All the learning algorithms we used in our experiments were from the Weka data mining Java library [12], with the exception of the Naive Bayes that we used for Fig. 8.1.

5 Conclusion

In our previous work, which we described in Sect. 8.2, we have proposed a method for explaining an arbitrary prediction model in the form of contributions of individual features. In this chapter we extended that work by showing how such a black-box approach to explanation is closely connected to visualising the model in the form of a nomogram or quasi-nomogram. We proposed a method for constructing a quasi-nomogram for a black-box prediction model, only by changing the inputs and observing the changes of the output. This is convenient in situations when working with and comparing several different types of models, when we wish to avoid implementing a model-specific method for constructing a quasi-nomogram, or when such an implementation is not possible (only the model might be available or we want to avoid investing the time and effort necessary for modifying third-party code).

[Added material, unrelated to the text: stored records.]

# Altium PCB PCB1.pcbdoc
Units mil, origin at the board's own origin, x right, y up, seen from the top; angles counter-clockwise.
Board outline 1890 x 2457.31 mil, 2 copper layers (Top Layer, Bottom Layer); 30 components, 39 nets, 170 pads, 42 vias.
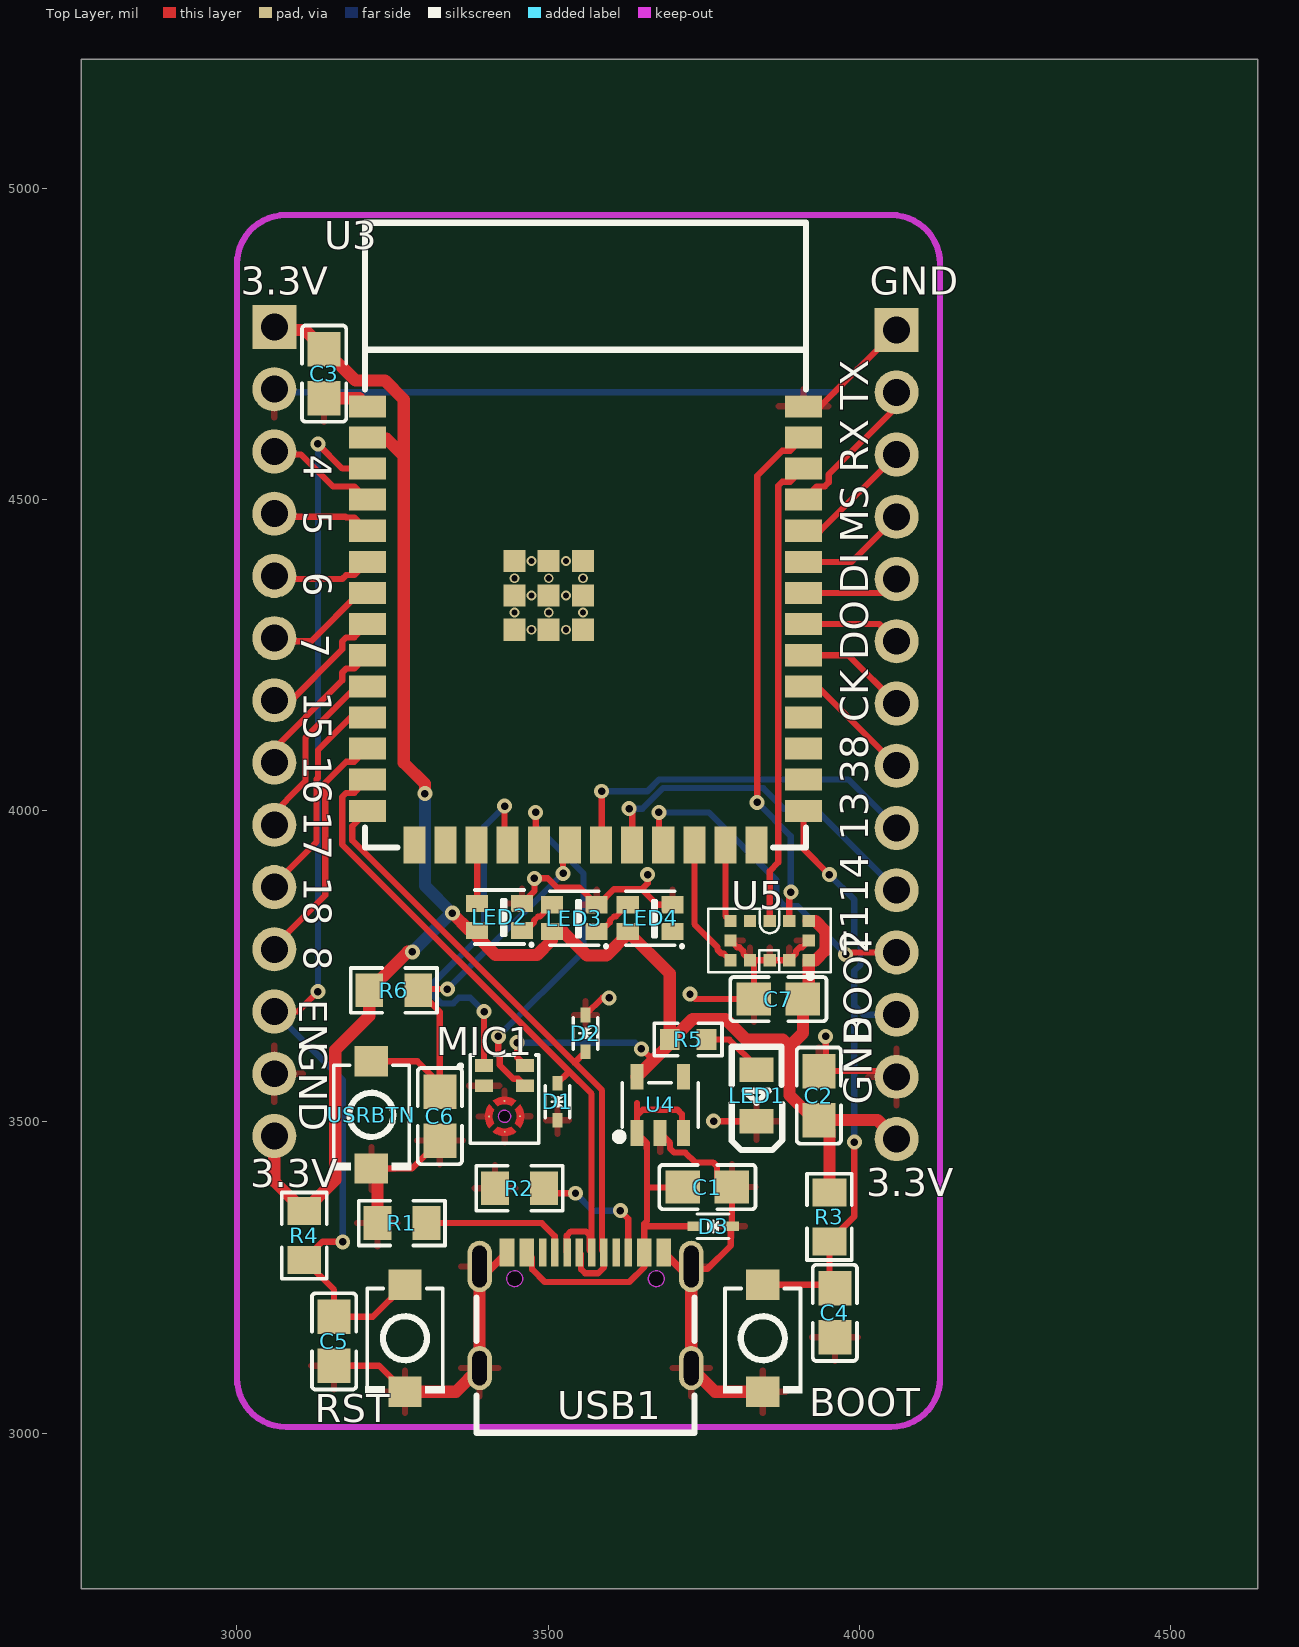
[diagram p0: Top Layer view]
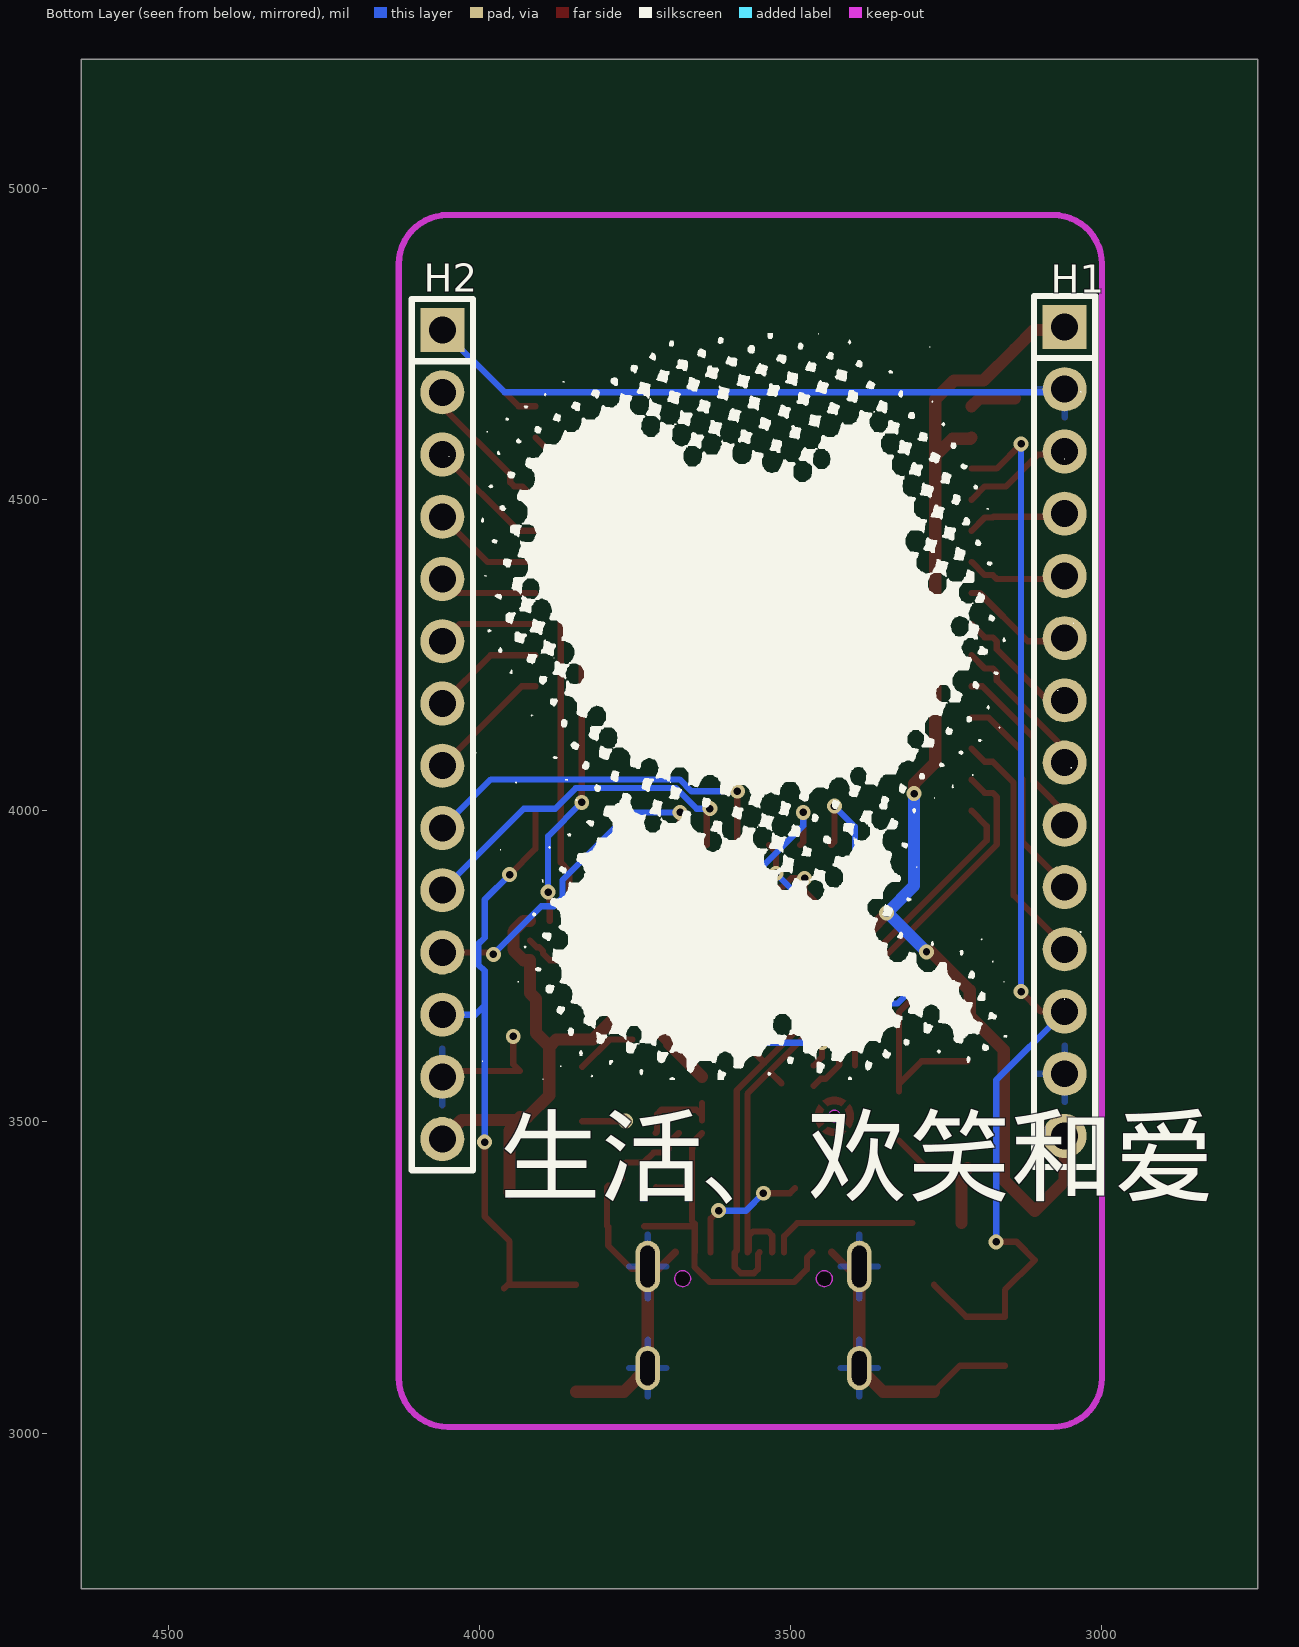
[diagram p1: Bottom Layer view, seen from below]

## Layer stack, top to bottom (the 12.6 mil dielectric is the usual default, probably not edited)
Top Layer: signal copper (thickness not stored)
Dielectric: dielectric 12.6, FR-4, Dk 4.8
Bottom Layer: signal copper (thickness not stored)

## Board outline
4640,2750 2750,2750 2750,5207.31 4640,5207.31

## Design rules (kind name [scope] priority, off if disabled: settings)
BoardOutlineClearance copperThickness1oz [All] p0: genericclearance=10 ignorepadtopadclearanceinfootprint=FALSE except(0: Arc-SplitContinuation Track-SplitContinuation SMDPad-SplitContinuation THPad-SplitContinuation Via-SplitContinuation Fill-SplitContinuation Poly-SplitContinuation Region-SplitContinuation Text-SplitContinuation; 6: Track-CutoutEdge SMDPad-CutoutEdge THPad-CutoutEdge Via-CutoutEdge Region-CutoutEdge; 11.8: Track-OutlineEdge SMDPad-OutlineEdge THPad-OutlineEdge Via-OutlineEdge Fill-OutlineEdge Region-OutlineEdge Poly-OutlineEdge Text-OutlineEdge Fill-CutoutEdge)
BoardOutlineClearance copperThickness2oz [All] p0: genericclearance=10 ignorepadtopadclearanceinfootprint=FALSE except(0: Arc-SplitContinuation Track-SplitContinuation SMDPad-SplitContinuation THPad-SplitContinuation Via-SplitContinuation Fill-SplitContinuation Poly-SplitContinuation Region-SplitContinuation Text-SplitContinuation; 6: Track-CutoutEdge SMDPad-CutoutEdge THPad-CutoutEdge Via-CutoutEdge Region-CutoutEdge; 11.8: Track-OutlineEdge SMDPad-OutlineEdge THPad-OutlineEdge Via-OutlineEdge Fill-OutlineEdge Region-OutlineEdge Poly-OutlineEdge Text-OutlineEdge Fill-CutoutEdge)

These quasi-nomograms can also be viewed as prediction curve plots (one for each variable) - plots of how the effect of the variable depends on its value. The only difference is that the values of other variables are not fixed, but varied in a way that captures interactions among all subsets of variables (see Sect. 8.2). If the prediction curve is monotonic (strictly increasing or decreasing) or the variable has only a few values, it can be collapsed onto a single axis, as was shown in some of the examples.

As shown in the illustrative examples, the procedure can be applied to classification and regression tasks, discrete and continuous input variables. For models which are known to be of the generalised additive type, the method is interchangeable with any model-specific method, as it produces equivalent quasi-nomograms, and therefore generalises them. The approach is useful for non-additive models as well, especially when the task is additive or when the resulting loss in prediction accuracy is small or outweighed by the benefits with respect to the interpretability offered by the quasi-nomogram. Additionally, non-additivity is straightforward to detect from the variability and it would be possible to visualise the most important pairwise interaction, further improving how the nomogram represents the model. Three-way or higher level interactions become problematic, however, due to the difficulties of effectively visualising, or representing in some other way, three (and higher) dimensional data and for the human to understand such representations.